■ **Task statement**
Whenever the word "height" turns up in a line below, that line should be copied.

Data entries:
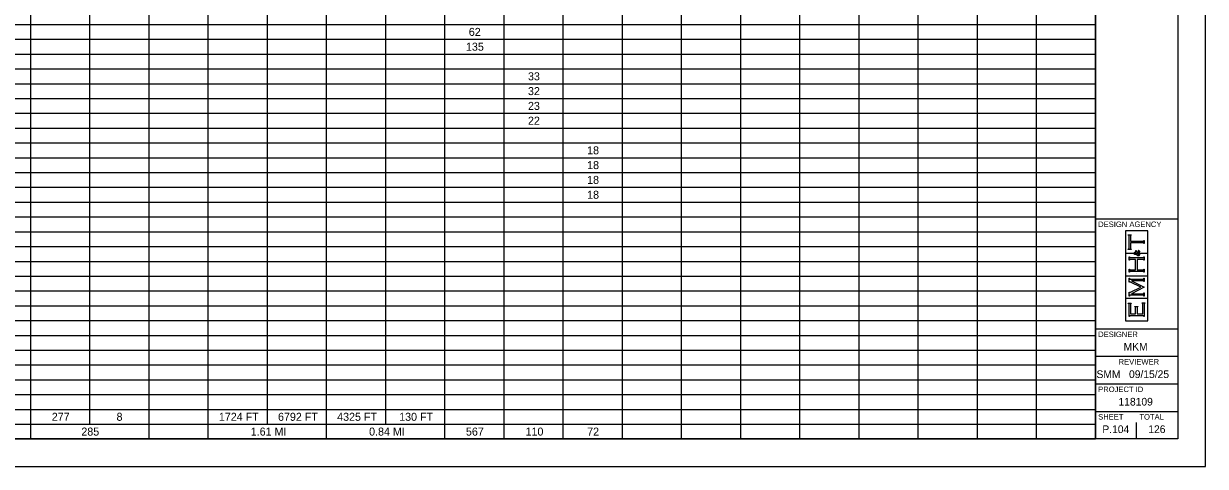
# Model space of a CAD drawing. Extents: x 0 to 34, y 0 to 22.
# Drawn here: x 12.5 to 34, y 0 to 8.05 of the extents above; entities that cross this region are included whole.
import ezdxf

# ---------------------------------------------------------------- set-up
doc = ezdxf.new("R2010")
doc.units = 0
for name, color, linetype in [('SH_Border', 7, 'Continuous'), ('SH_Cut_Line', 7, 'Continuous'), ('SH_Data', 7, 'Continuous'), ('SH_Text', 7, 'Continuous')]:
    doc.layers.add(name, color=color, linetype=linetype)

msp = doc.modelspace()

# ---------------------------------------------------------------- linework, layer by layer
at = {"layer": 'SH_Border'}
for p, q in [((32, 0.5), (32, 21.5)), ((32, 4.5), (33.5, 4.5)), ((32, 2.5), (33.5, 2.5)), ((32, 2), (33.5, 2)), ((32, 1.5), (33.5, 1.5)), ((32, 1), (33.5, 1))]:
    msp.add_line(p, q, dxfattribs=at)
msp.add_lwpolyline([(1.5, 21.5), (33.5, 21.5), (33.5, 0.5), (1.5, 0.5)], close=True, dxfattribs=at)
at = {"layer": 'SH_Cut_Line'}
msp.add_lwpolyline([(0, 0), (34, 0), (34, 22), (0, 22)], close=True, dxfattribs=at)
at = {"layer": 'SH_Data'}
for p, q in [((32.952, 4.279), (32.547, 4.279)), ((32.547, 4.279), (32.547, 3.875)), ((32.598, 4.204), (32.598, 4.211)), ((32.598, 4.211), (32.65, 4.211)), ((32.603, 4.203), (32.598, 4.204)), ((32.606, 4.201), (32.603, 4.203)), ((32.608, 4.199), (32.606, 4.201)), ((32.61, 4.196), (32.608, 4.199)), ((32.611, 4.192), (32.61, 4.196)), ((32.611, 4.187), (32.611, 4.192)), ((32.611, 3.968), (32.611, 4.187)), ((32.638, 4.196), (32.637, 4.192)), ((32.637, 4.192), (32.637, 4.187)), ((32.637, 4.187), (32.637, 4.093)), ((32.637, 4.093), (32.864, 4.093)), ((32.64, 4.199), (32.638, 4.196)), ((32.642, 4.201), (32.64, 4.199)), ((32.645, 4.203), (32.642, 4.201)), ((32.65, 4.204), (32.645, 4.203)), ((32.65, 4.211), (32.65, 4.204)), ((32.864, 4.093), (32.869, 4.093)), ((32.869, 4.093), (32.873, 4.094)), ((32.873, 4.094), (32.876, 4.096)), ((32.876, 4.096), (32.878, 4.097)), ((32.878, 4.097), (32.88, 4.101)), ((32.88, 4.101), (32.881, 4.106)), ((32.881, 4.106), (32.888, 4.106)), ((32.888, 4.106), (32.888, 4.048)), ((32.952, 3.875), (32.952, 4.279)), ((32.547, 3.875), (32.696, 3.875)), ((32.696, 3.869), (32.547, 3.869)), ((32.547, 3.869), (32.547, 3.465)), ((32.598, 3.95), (32.603, 3.951)), ((32.598, 3.944), (32.598, 3.95)), ((32.65, 3.944), (32.598, 3.944)), ((32.603, 3.951), (32.606, 3.953)), ((32.606, 3.953), (32.608, 3.955)), ((32.608, 3.955), (32.61, 3.958)), ((32.61, 3.958), (32.611, 3.962)), ((32.611, 3.962), (32.611, 3.968)), ((32.864, 4.061), (32.637, 4.061)), ((32.637, 4.061), (32.637, 3.968)), ((32.637, 3.968), (32.637, 3.962)), ((32.637, 3.962), (32.638, 3.958)), ((32.638, 3.958), (32.64, 3.955)), ((32.64, 3.955), (32.642, 3.953)), ((32.642, 3.953), (32.645, 3.951)), ((32.645, 3.951), (32.65, 3.95)), ((32.65, 3.95), (32.65, 3.944)), ((32.696, 3.875), (32.696, 3.869)), ((32.703, 3.879), (32.705, 3.883)), ((32.703, 3.873), (32.703, 3.879)), ((32.703, 3.868), (32.703, 3.873)), ((32.705, 3.883), (32.708, 3.887)), ((32.708, 3.887), (32.711, 3.89)), ((32.709, 3.879), (32.708, 3.876)), ((32.708, 3.876), (32.708, 3.873)), ((32.708, 3.873), (32.708, 3.869)), ((32.708, 3.869), (32.71, 3.866)), ((32.712, 3.881), (32.709, 3.879)), ((32.711, 3.89), (32.715, 3.892)), ((32.714, 3.883), (32.712, 3.881)), ((32.716, 3.884), (32.714, 3.883)), ((32.715, 3.892), (32.72, 3.892)), ((32.72, 3.884), (32.716, 3.884)), ((32.72, 3.892), (32.725, 3.892)), ((32.724, 3.884), (32.72, 3.884)), ((32.728, 3.882), (32.724, 3.884)), ((32.725, 3.892), (32.729, 3.89)), ((32.731, 3.88), (32.728, 3.882)), ((32.729, 3.89), (32.732, 3.887)), ((32.734, 3.877), (32.731, 3.88)), ((32.732, 3.887), (32.736, 3.883)), ((32.737, 3.872), (32.734, 3.877)), ((32.736, 3.883), (32.74, 3.878)), ((32.74, 3.867), (32.737, 3.872)), ((32.738, 3.893), (32.738, 3.922)), ((32.738, 3.922), (32.741, 3.922)), ((32.741, 3.893), (32.738, 3.893)), ((32.74, 3.878), (32.744, 3.869)), ((32.741, 3.922), (32.741, 3.918)), ((32.741, 3.918), (32.742, 3.915)), ((32.742, 3.896), (32.741, 3.895)), ((32.741, 3.895), (32.741, 3.893)), ((32.742, 3.915), (32.743, 3.913)), ((32.743, 3.897), (32.742, 3.896)), ((32.743, 3.913), (32.745, 3.911)), ((32.745, 3.899), (32.743, 3.897)), ((32.744, 3.869), (32.754, 3.875)), ((32.745, 3.911), (32.749, 3.908)), ((32.746, 3.899), (32.745, 3.899)), ((32.748, 3.899), (32.746, 3.899)), ((32.755, 3.899), (32.748, 3.899)), ((32.749, 3.908), (32.756, 3.904)), ((32.754, 3.875), (32.764, 3.881)), ((32.763, 3.895), (32.755, 3.899)), ((32.756, 3.904), (32.763, 3.9)), ((32.763, 3.9), (32.77, 3.896)), ((32.772, 3.887), (32.763, 3.895)), ((32.764, 3.881), (32.772, 3.887)), ((32.774, 3.872), (32.768, 3.867)), ((32.77, 3.896), (32.776, 3.891)), ((32.782, 3.878), (32.774, 3.872)), ((32.776, 3.891), (32.781, 3.895)), ((32.779, 3.923), (32.781, 3.926)), ((32.782, 3.922), (32.779, 3.923)), ((32.781, 3.926), (32.787, 3.924)), ((32.781, 3.895), (32.784, 3.898)), ((32.785, 3.921), (32.782, 3.922)), ((32.786, 3.873), (32.782, 3.878)), ((32.784, 3.898), (32.786, 3.901)), ((32.786, 3.919), (32.785, 3.921)), ((32.788, 3.917), (32.786, 3.919)), ((32.786, 3.901), (32.788, 3.904)), ((32.791, 3.886), (32.786, 3.881)), ((32.786, 3.881), (32.791, 3.876)), ((32.788, 3.869), (32.786, 3.873)), ((32.787, 3.924), (32.792, 3.921)), ((32.789, 3.914), (32.788, 3.917)), ((32.788, 3.904), (32.789, 3.908)), ((32.79, 3.867), (32.788, 3.869)), ((32.789, 3.911), (32.789, 3.914)), ((32.789, 3.908), (32.789, 3.911)), ((32.794, 3.89), (32.791, 3.886)), ((32.791, 3.876), (32.795, 3.87)), ((32.792, 3.921), (32.795, 3.918)), ((32.796, 3.894), (32.794, 3.89)), ((32.795, 3.918), (32.798, 3.914)), ((32.795, 3.87), (32.797, 3.866)), ((32.798, 3.897), (32.796, 3.894)), ((32.798, 3.914), (32.799, 3.91)), ((32.799, 3.901), (32.798, 3.897)), ((32.799, 3.91), (32.799, 3.905)), ((32.799, 3.905), (32.799, 3.901)), ((32.803, 3.869), (32.799, 3.875)), ((32.799, 3.875), (32.952, 3.875)), ((32.952, 3.869), (32.803, 3.869)), ((32.87, 4.061), (32.864, 4.061)), ((32.874, 4.06), (32.87, 4.061)), ((32.876, 4.059), (32.874, 4.06)), ((32.878, 4.057), (32.876, 4.059)), ((32.88, 4.053), (32.878, 4.057)), ((32.881, 4.048), (32.88, 4.053)), ((32.888, 4.048), (32.881, 4.048)), ((32.952, 3.465), (32.952, 3.869)), ((32.611, 3.749), (32.611, 3.807)), ((32.611, 3.807), (32.617, 3.807)), ((32.617, 3.749), (32.611, 3.749)), ((32.617, 3.807), (32.619, 3.802)), ((32.618, 3.754), (32.617, 3.749)), ((32.62, 3.758), (32.618, 3.754)), ((32.619, 3.802), (32.62, 3.798)), ((32.62, 3.798), (32.623, 3.797)), ((32.623, 3.76), (32.62, 3.758)), ((32.623, 3.797), (32.625, 3.795)), ((32.625, 3.761), (32.623, 3.76)), ((32.625, 3.795), (32.629, 3.794)), ((32.629, 3.762), (32.625, 3.761)), ((32.629, 3.794), (32.635, 3.794)), ((32.635, 3.762), (32.629, 3.762)), ((32.635, 3.794), (32.864, 3.794)), ((32.732, 3.762), (32.635, 3.762)), ((32.705, 3.863), (32.703, 3.868)), ((32.708, 3.858), (32.705, 3.863)), ((32.712, 3.853), (32.708, 3.858)), ((32.71, 3.866), (32.712, 3.864)), ((32.712, 3.864), (32.715, 3.862)), ((32.718, 3.85), (32.712, 3.853)), ((32.715, 3.862), (32.718, 3.861)), ((32.718, 3.861), (32.721, 3.861)), ((32.726, 3.85), (32.718, 3.85)), ((32.721, 3.861), (32.723, 3.861)), ((32.723, 3.861), (32.725, 3.862)), ((32.725, 3.862), (32.728, 3.862)), ((32.729, 3.85), (32.726, 3.85)), ((32.728, 3.862), (32.731, 3.863)), ((32.731, 3.85), (32.729, 3.85)), ((32.731, 3.863), (32.735, 3.865)), ((32.734, 3.851), (32.731, 3.85)), ((32.732, 3.572), (32.732, 3.762)), ((32.737, 3.852), (32.734, 3.851)), ((32.735, 3.865), (32.74, 3.867)), ((32.741, 3.853), (32.737, 3.852)), ((32.746, 3.855), (32.741, 3.853)), ((32.752, 3.844), (32.746, 3.855)), ((32.756, 3.86), (32.751, 3.857)), ((32.751, 3.857), (32.754, 3.852)), ((32.757, 3.837), (32.752, 3.844)), ((32.754, 3.852), (32.757, 3.848)), ((32.761, 3.863), (32.756, 3.86)), ((32.757, 3.848), (32.761, 3.845)), ((32.763, 3.833), (32.757, 3.837)), ((32.864, 3.762), (32.759, 3.762)), ((32.759, 3.762), (32.759, 3.572)), ((32.764, 3.865), (32.761, 3.863)), ((32.761, 3.845), (32.765, 3.843)), ((32.768, 3.829), (32.763, 3.833)), ((32.768, 3.867), (32.764, 3.865)), ((32.765, 3.843), (32.769, 3.841)), ((32.774, 3.827), (32.768, 3.829)), ((32.769, 3.841), (32.773, 3.841)), ((32.773, 3.841), (32.778, 3.841)), ((32.779, 3.827), (32.774, 3.827)), ((32.778, 3.841), (32.782, 3.843)), ((32.785, 3.827), (32.779, 3.827)), ((32.782, 3.843), (32.786, 3.846)), ((32.79, 3.829), (32.785, 3.827)), ((32.786, 3.846), (32.789, 3.849)), ((32.789, 3.849), (32.791, 3.853)), ((32.791, 3.864), (32.79, 3.867)), ((32.793, 3.834), (32.79, 3.829)), ((32.791, 3.861), (32.791, 3.864)), ((32.791, 3.859), (32.791, 3.861)), ((32.791, 3.853), (32.791, 3.859)), ((32.797, 3.838), (32.793, 3.834)), ((32.797, 3.866), (32.798, 3.861)), ((32.799, 3.844), (32.797, 3.838)), ((32.798, 3.861), (32.799, 3.857)), ((32.799, 3.857), (32.799, 3.852)), ((32.799, 3.852), (32.799, 3.844)), ((32.864, 3.794), (32.869, 3.794)), ((32.87, 3.762), (32.864, 3.762)), ((32.869, 3.794), (32.873, 3.795)), ((32.874, 3.761), (32.87, 3.762)), ((32.873, 3.795), (32.876, 3.797)), ((32.876, 3.76), (32.874, 3.761)), ((32.876, 3.797), (32.878, 3.798)), ((32.878, 3.758), (32.876, 3.76)), ((32.878, 3.798), (32.88, 3.802)), ((32.88, 3.754), (32.878, 3.758)), ((32.88, 3.802), (32.881, 3.807)), ((32.881, 3.749), (32.88, 3.754)), ((32.881, 3.807), (32.888, 3.807)), ((32.888, 3.749), (32.881, 3.749)), ((32.888, 3.807), (32.888, 3.749)), ((32.547, 3.465), (32.952, 3.465)), ((32.952, 3.459), (32.547, 3.459)), ((32.547, 3.459), (32.547, 3.055)), ((32.611, 3.527), (32.611, 3.585)), ((32.611, 3.585), (32.617, 3.585)), ((32.617, 3.527), (32.611, 3.527)), ((32.617, 3.585), (32.619, 3.58)), ((32.618, 3.532), (32.617, 3.527)), ((32.62, 3.536), (32.618, 3.532)), ((32.619, 3.58), (32.62, 3.576)), ((32.62, 3.576), (32.623, 3.574)), ((32.623, 3.537), (32.62, 3.536)), ((32.623, 3.574), (32.625, 3.573)), ((32.625, 3.539), (32.623, 3.537)), ((32.625, 3.573), (32.629, 3.572)), ((32.629, 3.54), (32.625, 3.539)), ((32.629, 3.572), (32.635, 3.572)), ((32.635, 3.54), (32.629, 3.54)), ((32.635, 3.572), (32.732, 3.572)), ((32.864, 3.54), (32.635, 3.54)), ((32.75, 3.5), (32.75, 3.5)), ((32.759, 3.572), (32.864, 3.572)), ((32.864, 3.572), (32.87, 3.572)), ((32.87, 3.54), (32.864, 3.54)), ((32.87, 3.572), (32.874, 3.573)), ((32.874, 3.539), (32.87, 3.54)), ((32.874, 3.573), (32.876, 3.574)), ((32.876, 3.538), (32.874, 3.539)), ((32.876, 3.574), (32.878, 3.576)), ((32.878, 3.536), (32.876, 3.538)), ((32.878, 3.576), (32.88, 3.58)), ((32.88, 3.532), (32.878, 3.536)), ((32.88, 3.58), (32.881, 3.585)), ((32.881, 3.527), (32.88, 3.532)), ((32.881, 3.585), (32.888, 3.585)), ((32.888, 3.527), (32.881, 3.527)), ((32.888, 3.585), (32.888, 3.527)), ((32.952, 3.055), (32.952, 3.459)), ((32.611, 3.345), (32.611, 3.418)), ((32.611, 3.418), (32.617, 3.418)), ((32.617, 3.345), (32.611, 3.345)), ((32.617, 3.418), (32.619, 3.412)), ((32.62, 3.352), (32.617, 3.345)), ((32.619, 3.412), (32.62, 3.409)), ((32.62, 3.409), (32.623, 3.407)), ((32.622, 3.355), (32.62, 3.352)), ((32.626, 3.355), (32.622, 3.355)), ((32.623, 3.407), (32.625, 3.405)), ((32.625, 3.405), (32.629, 3.405)), ((32.629, 3.355), (32.626, 3.355)), ((32.629, 3.405), (32.635, 3.405)), ((32.633, 3.353), (32.629, 3.355)), ((32.64, 3.35), (32.633, 3.353)), ((32.635, 3.405), (32.864, 3.405)), ((32.825, 3.257), (32.64, 3.35)), ((32.641, 3.165), (32.825, 3.257)), ((32.864, 3.373), (32.654, 3.373)), ((32.654, 3.373), (32.888, 3.255)), ((32.888, 3.255), (32.654, 3.138)), ((32.864, 3.405), (32.869, 3.405)), ((32.87, 3.373), (32.864, 3.373)), ((32.869, 3.405), (32.873, 3.405)), ((32.874, 3.372), (32.87, 3.373)), ((32.873, 3.405), (32.876, 3.407)), ((32.876, 3.37), (32.874, 3.372)), ((32.876, 3.407), (32.878, 3.409)), ((32.878, 3.369), (32.876, 3.37)), ((32.878, 3.409), (32.88, 3.412)), ((32.88, 3.365), (32.878, 3.369)), ((32.88, 3.412), (32.881, 3.418)), ((32.881, 3.36), (32.88, 3.365)), ((32.881, 3.418), (32.888, 3.418)), ((32.888, 3.36), (32.881, 3.36)), ((32.888, 3.418), (32.888, 3.36)), ((32.547, 3.055), (32.952, 3.055)), ((32.952, 3.049), (32.547, 3.049)), ((32.547, 3.049), (32.547, 2.645)), ((32.611, 3.096), (32.611, 3.168)), ((32.611, 3.168), (32.617, 3.168)), ((32.617, 3.096), (32.611, 3.096)), ((32.617, 3.168), (32.62, 3.162)), ((32.618, 3.102), (32.617, 3.096)), ((32.62, 3.105), (32.618, 3.102)), ((32.62, 3.162), (32.622, 3.158)), ((32.623, 3.107), (32.62, 3.105)), ((32.622, 3.158), (32.626, 3.158)), ((32.625, 3.109), (32.623, 3.107)), ((32.629, 3.109), (32.625, 3.109)), ((32.626, 3.158), (32.627, 3.158)), ((32.627, 3.158), (32.633, 3.161)), ((32.635, 3.109), (32.629, 3.109)), ((32.633, 3.161), (32.641, 3.165)), ((32.864, 3.109), (32.635, 3.109)), ((32.654, 3.138), (32.864, 3.138)), ((32.864, 3.138), (32.869, 3.138)), ((32.87, 3.109), (32.864, 3.109)), ((32.869, 3.138), (32.873, 3.139)), ((32.874, 3.109), (32.87, 3.109)), ((32.873, 3.139), (32.876, 3.141)), ((32.876, 3.107), (32.874, 3.109)), ((32.876, 3.141), (32.878, 3.143)), ((32.878, 3.105), (32.876, 3.107)), ((32.878, 3.143), (32.88, 3.146)), ((32.88, 3.102), (32.878, 3.105)), ((32.88, 3.146), (32.881, 3.151)), ((32.881, 3.096), (32.88, 3.102)), ((32.881, 3.151), (32.888, 3.151)), ((32.888, 3.096), (32.881, 3.096)), ((32.888, 3.151), (32.888, 3.096)), ((32.952, 2.645), (32.952, 3.049)), ((32.598, 2.962), (32.598, 2.969)), ((32.598, 2.969), (32.65, 2.969)), ((32.603, 2.961), (32.598, 2.962)), ((32.606, 2.959), (32.603, 2.961)), ((32.608, 2.957), (32.606, 2.959)), ((32.61, 2.955), (32.608, 2.957)), ((32.611, 2.951), (32.61, 2.955)), ((32.611, 2.945), (32.611, 2.951)), ((32.611, 2.725), (32.611, 2.945)), ((32.64, 2.957), (32.638, 2.955)), ((32.638, 2.955), (32.638, 2.951)), ((32.638, 2.951), (32.638, 2.945)), ((32.638, 2.945), (32.638, 2.77)), ((32.642, 2.959), (32.64, 2.957)), ((32.645, 2.961), (32.642, 2.959)), ((32.65, 2.962), (32.645, 2.961)), ((32.65, 2.969), (32.65, 2.962)), ((32.719, 2.902), (32.719, 2.908)), ((32.719, 2.908), (32.772, 2.908)), ((32.724, 2.901), (32.719, 2.902)), ((32.728, 2.899), (32.724, 2.901)), ((32.729, 2.896), (32.728, 2.899)), ((32.731, 2.894), (32.729, 2.896)), ((32.732, 2.89), (32.731, 2.894)), ((32.732, 2.884), (32.732, 2.89)), ((32.732, 2.77), (32.732, 2.884)), ((32.76, 2.894), (32.759, 2.89)), ((32.759, 2.89), (32.759, 2.884)), ((32.759, 2.884), (32.759, 2.77)), ((32.761, 2.896), (32.76, 2.894)), ((32.763, 2.899), (32.761, 2.896)), ((32.767, 2.901), (32.763, 2.899)), ((32.772, 2.902), (32.767, 2.901)), ((32.772, 2.908), (32.772, 2.902)), ((32.848, 2.965), (32.848, 2.972)), ((32.848, 2.972), (32.901, 2.972)), ((32.853, 2.964), (32.848, 2.965)), ((32.857, 2.962), (32.853, 2.964)), ((32.859, 2.96), (32.857, 2.962)), ((32.86, 2.958), (32.859, 2.96)), ((32.861, 2.953), (32.86, 2.958)), ((32.861, 2.948), (32.861, 2.953)), ((32.861, 2.77), (32.861, 2.948)), ((32.889, 2.957), (32.888, 2.953)), ((32.888, 2.953), (32.888, 2.948)), ((32.888, 2.948), (32.888, 2.725)), ((32.891, 2.96), (32.889, 2.957)), ((32.892, 2.962), (32.891, 2.96)), ((32.896, 2.964), (32.892, 2.962)), ((32.901, 2.965), (32.896, 2.964)), ((32.901, 2.972), (32.901, 2.965)), ((32.547, 2.645), (32.952, 2.645)), ((32.617, 2.725), (32.611, 2.725)), ((32.619, 2.73), (32.617, 2.725)), ((32.62, 2.734), (32.619, 2.73)), ((32.623, 2.735), (32.62, 2.734)), ((32.625, 2.737), (32.623, 2.735)), ((32.629, 2.738), (32.625, 2.737)), ((32.635, 2.738), (32.629, 2.738)), ((32.864, 2.738), (32.635, 2.738)), ((32.638, 2.77), (32.732, 2.77)), ((32.759, 2.77), (32.861, 2.77)), ((32.87, 2.738), (32.864, 2.738)), ((32.874, 2.737), (32.87, 2.738)), ((32.876, 2.735), (32.874, 2.737)), ((32.878, 2.734), (32.876, 2.735)), ((32.88, 2.73), (32.878, 2.734)), ((32.881, 2.725), (32.88, 2.73)), ((32.888, 2.725), (32.881, 2.725)), ((32.375, 0.675), (32.375, 0.675)), ((32.75, 0.5), (32.75, 0.8))]:
    msp.add_line(p, q, dxfattribs=at)
at = {"layer": 'SH_Text'}
for p, q in [((12.627, 21.501), (12.627, 0.498)), ((13.703, 21.501), (13.703, 0.767)), ((14.779, 21.501), (14.779, 0.498)), ((15.856, 21.501), (15.856, 0.498)), ((16.932, 21.501), (16.932, 0.767)), ((18.008, 21.501), (18.008, 0.498)), ((19.085, 21.501), (19.085, 0.767)), ((20.161, 21.501), (20.161, 0.498)), ((21.237, 21.501), (21.237, 0.498)), ((22.313, 21.501), (22.313, 0.498)), ((23.39, 21.501), (23.39, 0.498)), ((24.466, 21.501), (24.466, 0.498)), ((25.542, 21.501), (25.542, 0.498)), ((26.619, 21.501), (26.619, 0.498)), ((27.695, 21.501), (27.695, 0.498)), ((28.771, 21.501), (28.771, 0.498)), ((29.847, 21.501), (29.847, 0.498)), ((30.924, 21.501), (30.924, 0.498)), ((32, 21.501), (32, 0.498)), ((1.5, 8.032), (32, 8.032)), ((1.5, 7.763), (32, 7.763)), ((1.5, 7.493), (32, 7.493)), ((1.5, 7.224), (32, 7.224)), ((1.5, 6.955), (32, 6.955)), ((1.5, 6.686), (32, 6.686)), ((1.5, 6.417), (32, 6.417)), ((1.5, 6.148), (32, 6.148)), ((1.5, 5.879), (32, 5.879)), ((1.5, 5.61), (32, 5.61)), ((1.5, 5.341), (32, 5.341)), ((1.5, 5.072), (32, 5.072)), ((1.5, 4.803), (32, 4.803)), ((1.5, 4.534), (32, 4.534)), ((1.5, 4.265), (32, 4.265)), ((1.5, 3.996), (32, 3.996)), ((1.5, 3.726), (32, 3.726)), ((1.5, 3.457), (32, 3.457)), ((1.5, 3.188), (32, 3.188)), ((1.5, 2.919), (32, 2.919)), ((1.5, 2.65), (32, 2.65)), ((1.5, 2.381), (32, 2.381)), ((1.5, 2.112), (32, 2.112)), ((1.5, 1.843), (32, 1.843)), ((1.5, 1.574), (32, 1.574)), ((1.5, 1.305), (32, 1.305)), ((8.923, 1.036), (12.627, 1.036)), ((12.627, 1.036), (32, 1.036)), ((1.5, 0.767), (32, 0.767)), ((1.5, 0.498), (32, 0.498))]:
    msp.add_line(p, q, dxfattribs=at)

# ---------------------------------------------------------------- texts
at = {"layer": 'SH_Data'}
for s, height, p in [('DESIGN AGENCY', 0.1, (32.05, 4.35)), ('DESIGNER', 0.1, (32.05, 2.35)), ('MKM', 0.14, (32.513, 2.105)), ('REVIEWER', 0.1, (32.422, 1.85)), ('SMM', 0.14, (32.02, 1.605)), ('09/15/25', 0.14, (32.611, 1.605)), ('PROJECT ID', 0.1, (32.05, 1.35)), ('118109', 0.14, (32.42, 1.105)), ('SHEET', 0.1, (32.05, 0.85)), ('TOTAL', 0.1, (32.8, 0.85)), ('P.104', 0.14, (32.126, 0.605)), ('126', 0.14, (32.962, 0.605))]:
    msp.add_text(s, height=height, dxfattribs=at).set_placement(p)
at = {"layer": 'SH_Text'}
for s, height, p in [('62', 0.1456, (20.602, 7.824)), ('135', 0.1456, (20.55, 7.555)), ('33', 0.1456, (21.678, 7.017)), ('32', 0.1456, (21.678, 6.748)), ('23', 0.1456, (21.678, 6.479)), ('22', 0.1456, (21.678, 6.21)), ('18', 0.1456, (22.754, 5.672)), ('18', 0.1456, (22.754, 5.403)), ('18', 0.1456, (22.754, 5.134)), ('18', 0.1456, (22.754, 4.864)), ('277', 0.1456, (13.016, 0.828)), ('8', 0.146, (14.194, 0.828)), ('1724 FT', 0.1456, (16.055, 0.828)), ('6792 FT', 0.1456, (17.131, 0.828)), ('4325 FT', 0.1456, (18.207, 0.828)), ('130 FT', 0.1456, (19.335, 0.828)), ('285', 0.1456, (13.554, 0.559)), ('1.61 MI', 0.1456, (16.635, 0.559)), ('0.84 MI', 0.1456, (18.788, 0.559)), ('567', 0.1456, (20.55, 0.559)), ('110', 0.1456, (21.634, 0.559)), ('72', 0.1456, (22.755, 0.559))]:
    msp.add_text(s, height=height, dxfattribs=at).set_placement(p)

doc.saveas('drawing.dxf')

■ **Exercise solution**
for s, height, p in [('DESIGN AGENCY', 0.1, (32.05, 4.35)), ('DESIGNER', 0.1, (32.05, 2.35)), ('MKM', 0.14, (32.513, 2.105)), ('REVIEWER', 0.1, (32.422, 1.85)), ('SMM', 0.14, (32.02, 1.605)), ('09/15/25', 0.14, (32.611, 1.605)), ('PROJECT ID', 0.1, (32.05, 1.35)), ('118109', 0.14, (32.42, 1.105)), ('SHEET', 0.1, (32.05, 0.85)), ('TOTAL', 0.1, (32.8, 0.85)), ('P.104', 0.14, (32.126, 0.605)), ('126', 0.14, (32.962, 0.605))]:
    msp.add_text(s, height=height, dxfattribs=at).set_placement(p)
for s, height, p in [('62', 0.1456, (20.602, 7.824)), ('135', 0.1456, (20.55, 7.555)), ('33', 0.1456, (21.678, 7.017)), ('32', 0.1456, (21.678, 6.748)), ('23', 0.1456, (21.678, 6.479)), ('22', 0.1456, (21.678, 6.21)), ('18', 0.1456, (22.754, 5.672)), ('18', 0.1456, (22.754, 5.403)), ('18', 0.1456, (22.754, 5.134)), ('18', 0.1456, (22.754, 4.864)), ('277', 0.1456, (13.016, 0.828)), ('8', 0.146, (14.194, 0.828)), ('1724 FT', 0.1456, (16.055, 0.828)), ('6792 FT', 0.1456, (17.131, 0.828)), ('4325 FT', 0.1456, (18.207, 0.828)), ('130 FT', 0.1456, (19.335, 0.828)), ('285', 0.1456, (13.554, 0.559)), ('1.61 MI', 0.1456, (16.635, 0.559)), ('0.84 MI', 0.1456, (18.788, 0.559)), ('567', 0.1456, (20.55, 0.559)), ('110', 0.1456, (21.634, 0.559)), ('72', 0.1456, (22.755, 0.559))]:
    msp.add_text(s, height=height, dxfattribs=at).set_placement(p)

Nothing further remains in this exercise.